Questions to the Hospital Administration expert and their responses
What are the proper protocols for staff when a patient like this presents themselves to the ER?
The hospital should not have sent a patient with sepsis home. It was clear to the EHR that this patient had sepsis, it was clear to the nurse that this patient had sepsis and it should have been clear to the ED physician.
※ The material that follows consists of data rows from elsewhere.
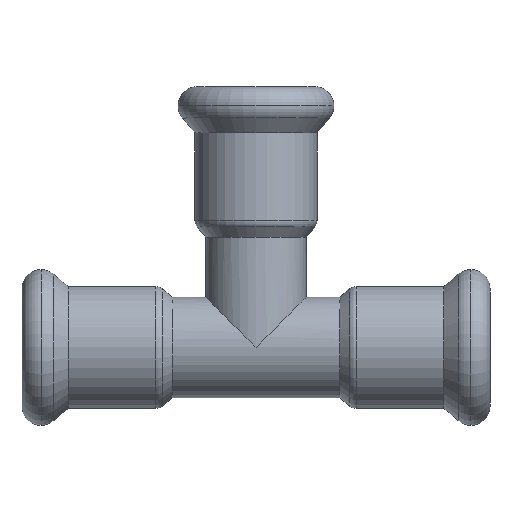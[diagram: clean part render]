
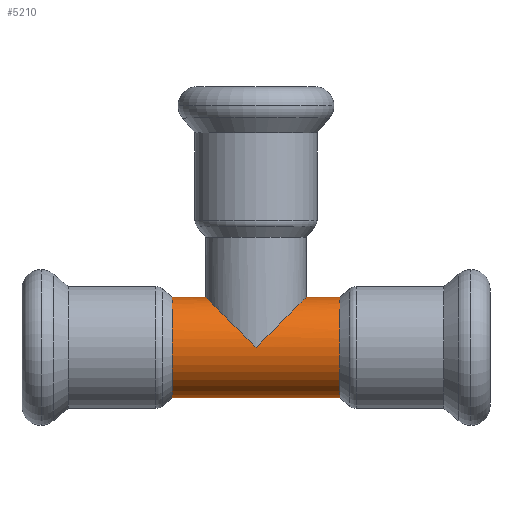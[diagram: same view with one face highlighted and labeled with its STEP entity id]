
A CAD part, top view. The second image highlights one B-rep face of the part: STEP entity #5210.
In plain terms, the highlighted cylindrical face has radius 7.5 mm (diameter 15 mm), a partial arc.
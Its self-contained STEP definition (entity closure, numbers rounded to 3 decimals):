
#610=CARTESIAN_POINT('',(-103.693,29.909,0.));
#620=VERTEX_POINT('',#610);
#800=CARTESIAN_POINT('',(-88.693,29.909,
0.));
#810=VERTEX_POINT('',#800);
#840=CARTESIAN_POINT('',(-96.193,22.409,0.));
#850=DIRECTION('',(-0.707,0.707,0.));
#860=DIRECTION('',(0.707,0.707,0.));
#870=AXIS2_PLACEMENT_3D('',#840,#850,#860);
#880=ELLIPSE('',#870,10.607,7.5);
#890=CARTESIAN_POINT('',(-96.193,22.409,
7.5));
#900=VERTEX_POINT('',#890);
#910=EDGE_CURVE('',#900,#810,#880,.T.);
#930=CARTESIAN_POINT('',(-96.193,22.409,0.));
#940=DIRECTION('',(0.707,0.707,0.));
#950=DIRECTION('',(-0.707,0.707,0.));
#960=AXIS2_PLACEMENT_3D('',#930,#940,#950);
#970=ELLIPSE('',#960,10.607,7.5);
#980=EDGE_CURVE('',#620,#900,#970,.T.);
#4760=CARTESIAN_POINT('',(-108.693,22.409,0.));
#4770=DIRECTION('',(-1.,0.,0.));
#4780=DIRECTION('',(0.,1.,0.));
#4790=AXIS2_PLACEMENT_3D('',#4760,#4770,#4780);
#4800=CYLINDRICAL_SURFACE('',#4790,7.5);
#4810=CARTESIAN_POINT('',(-108.693,14.909,
0.));
#4820=DIRECTION('',(-1.,0.,0.));
#4830=VECTOR('',#4820,1.);
#4840=LINE('',#4810,#4830);
#4850=CARTESIAN_POINT('',(-83.693,14.909,
0.));
#4860=VERTEX_POINT('',#4850);
#4870=CARTESIAN_POINT('',(-108.693,14.909,
0.));
#4880=VERTEX_POINT('',#4870);
#4890=EDGE_CURVE('',#4860,#4880,#4840,.T.);
#4900=ORIENTED_EDGE('',*,*,#4890,.F.);
#4910=CARTESIAN_POINT('',(-108.693,22.409,0.));
#4920=DIRECTION('',(-1.,0.,0.));
#4930=DIRECTION('',(0.,1.,0.));
#4940=AXIS2_PLACEMENT_3D('',#4910,#4920,#4930);
#4950=CIRCLE('',#4940,7.5);
#4960=CARTESIAN_POINT('',(-108.693,29.909,0.));
#4970=VERTEX_POINT('',#4960);
#4980=EDGE_CURVE('',#4880,#4970,#4950,.T.);
#4990=ORIENTED_EDGE('',*,*,#4980,.F.);
#5000=CARTESIAN_POINT('',(-108.693,29.909,0.));
#5010=DIRECTION('',(-1.,0.,0.));
#5020=VECTOR('',#5010,1.);
#5030=LINE('',#5000,#5020);
#5040=EDGE_CURVE('',#620,#4970,#5030,.T.);
#5050=ORIENTED_EDGE('',*,*,#5040,.T.);
#5060=ORIENTED_EDGE('',*,*,#980,.F.);
#5070=ORIENTED_EDGE('',*,*,#910,.F.);
#5080=CARTESIAN_POINT('',(-83.693,29.909,0.));
#5090=VERTEX_POINT('',#5080);
#5100=EDGE_CURVE('',#5090,#810,#5030,.T.);
#5110=ORIENTED_EDGE('',*,*,#5100,.T.);
#5120=CARTESIAN_POINT('',(-83.693,22.409,0.));
#5130=DIRECTION('',(-1.,0.,0.));
#5140=DIRECTION('',(0.,1.,0.));
#5150=AXIS2_PLACEMENT_3D('',#5120,#5130,#5140);
#5160=CIRCLE('',#5150,7.5);
#5170=EDGE_CURVE('',#4860,#5090,#5160,.T.);
#5180=ORIENTED_EDGE('',*,*,#5170,.T.);
#5190=EDGE_LOOP('',(#5180,#5110,#5070,#5060,#5050,#4990,#4900));
#5200=FACE_OUTER_BOUND('',#5190,.T.);
#5210=ADVANCED_FACE('',(#5200),#4800,.T.);

This patient should have been put on medication immediately and this demonstrates airtight negligence.
What type of training should nurses receive on a hospital's electronic medical record system, with specific regards to notifications?
One system in particular, which allows user-defined alerts that are approved by hospital executives or by a committee at the hospital, is currently being replaced in many hospitals nationwide because it is not a good system. These type of medical record alerts can be overridden by the treating physician relatively easily, though they may require some justification and this type of documentation should be carefully sought in a careful review of the EHR.
About the expert
This highly qualified expert has four decades of experience in medicine and healthcare administration. He received his BS in Physiology from Oklahoma State University and his MD from the University of Oklahoma. He completed his residency at the University of Oklahoma and is Board Certified in Internal Medicine. He is a member of the IBM Health Care and Life Sciences Advisory Council, the Clinical Electronic Health Record Advisory Council, and the Association of American Medical Schools. He previously served as the Chief of Staff of the Veterans Affairs Medical Center in Oklahoma and Alabama, and he is the former Under Secretary for Health at the Department of Veterans Affairs. He currently serves as a professor emeritus and a professor of healthcare administration at a well known Oklahoma medical school.